Uno de esos cauces estilísticos que hoy se configuran
es el de una escultura interesada en problemas arquitectónicos,
tanto de índole material, formal y compositiva como
de naturaleza espacial. Es decir, que, enlazando con la
pureza de las formas geométricas, con el espíritu
racionalista y con la ordenación edificatoria del
arte de la constructividad (constructivismo ruso, concretismo
holandés, estética de la Bauhaus), un grupo
numeroso de nuestros escultores está trabajando sobre
prácticas inquiridoras de las facultades de
definición formal y de expresión escultórica
que tienen los materiales de construcción (yeso,
cemento, cañizos, entramados, viguetas, mampuestos...
), así como del valor escultórico que entrañan
elementos estructurales y ornamentales del tejido artquitectónico
(columnas, plintos, gradas, cornisamientos, cubiertas ...
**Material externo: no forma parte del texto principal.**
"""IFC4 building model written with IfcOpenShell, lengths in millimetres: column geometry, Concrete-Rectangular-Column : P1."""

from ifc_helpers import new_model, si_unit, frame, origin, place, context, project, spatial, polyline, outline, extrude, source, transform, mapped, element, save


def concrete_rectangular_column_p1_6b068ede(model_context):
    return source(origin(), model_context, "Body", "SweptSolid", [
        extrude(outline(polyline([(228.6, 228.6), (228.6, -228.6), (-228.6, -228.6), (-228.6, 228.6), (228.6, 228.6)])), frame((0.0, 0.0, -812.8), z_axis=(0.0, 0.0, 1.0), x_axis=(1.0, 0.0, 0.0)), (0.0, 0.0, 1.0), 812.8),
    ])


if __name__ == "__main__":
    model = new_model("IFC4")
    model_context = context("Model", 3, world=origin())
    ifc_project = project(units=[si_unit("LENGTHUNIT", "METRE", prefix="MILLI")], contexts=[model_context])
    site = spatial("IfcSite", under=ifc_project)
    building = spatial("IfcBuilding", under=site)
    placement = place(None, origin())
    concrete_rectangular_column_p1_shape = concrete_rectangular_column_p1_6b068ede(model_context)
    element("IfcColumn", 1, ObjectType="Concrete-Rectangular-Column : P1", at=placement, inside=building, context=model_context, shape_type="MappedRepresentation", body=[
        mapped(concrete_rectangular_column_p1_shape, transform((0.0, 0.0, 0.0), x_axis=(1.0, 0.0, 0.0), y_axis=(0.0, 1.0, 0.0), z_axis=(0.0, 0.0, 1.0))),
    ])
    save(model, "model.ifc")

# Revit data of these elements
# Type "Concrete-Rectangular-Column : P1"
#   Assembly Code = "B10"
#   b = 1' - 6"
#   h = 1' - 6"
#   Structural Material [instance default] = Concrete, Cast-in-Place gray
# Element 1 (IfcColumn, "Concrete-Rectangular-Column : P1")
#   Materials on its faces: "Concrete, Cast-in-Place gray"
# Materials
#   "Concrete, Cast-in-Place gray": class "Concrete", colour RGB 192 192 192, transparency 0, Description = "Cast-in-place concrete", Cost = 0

), cuestionándose también las probabilidades
de definir la obra escultórica sobre criterios del
espacio de la arquitectura, así como las posibilidades
de construir un diseño de escultura con sentido distributivo
y con técnicas arquitectónicas.
El entendimiento de la propuesta artística que nos
presenta Ricardo Ugarte de Zubiarrain (Pasajes de San Pedro
- Guipúzcoa -, 1942), así como el diálogo
abierto a que nos incita, deben establecerse desde esos
perfiles apuntados de escultura de nuevos planteamientos
arquitectónicos, pues la obra del más joven
de los maestros de la escultura vasca siempre resulta afín
a la arquitectura, tanto en su materia (preferentemente,
el módulo de hierro industrializado) como en su técnica
(soldadura eléctrica), tanto en sus criterios compositivos
(sistema ortogonal) como en sus estructuraciones formales
(torres-estela), tanto en su enfoque (el objeto escultórico
debe contemplarse necesariamente de una manera parcial,
incompleta, yuxtapuesta, multiplicada y sucesiva, en lugar
de ofrecerse desde la visión frontal tradicional,
o sea, la centrada, estática y permanente) como en
su valoración del espacio (prevalecimiento del hueco
como espacio medular de la escultura).
(*) Texto escrito por José Marin-Medina, crítico
de arte, y publicado en el catálogo de la exposición
realizada por Ricardo Ugarte en 1990 en la Casa del Almirante
Oquendo de San Sebastián, España, actualmente
Casa de la Cultura.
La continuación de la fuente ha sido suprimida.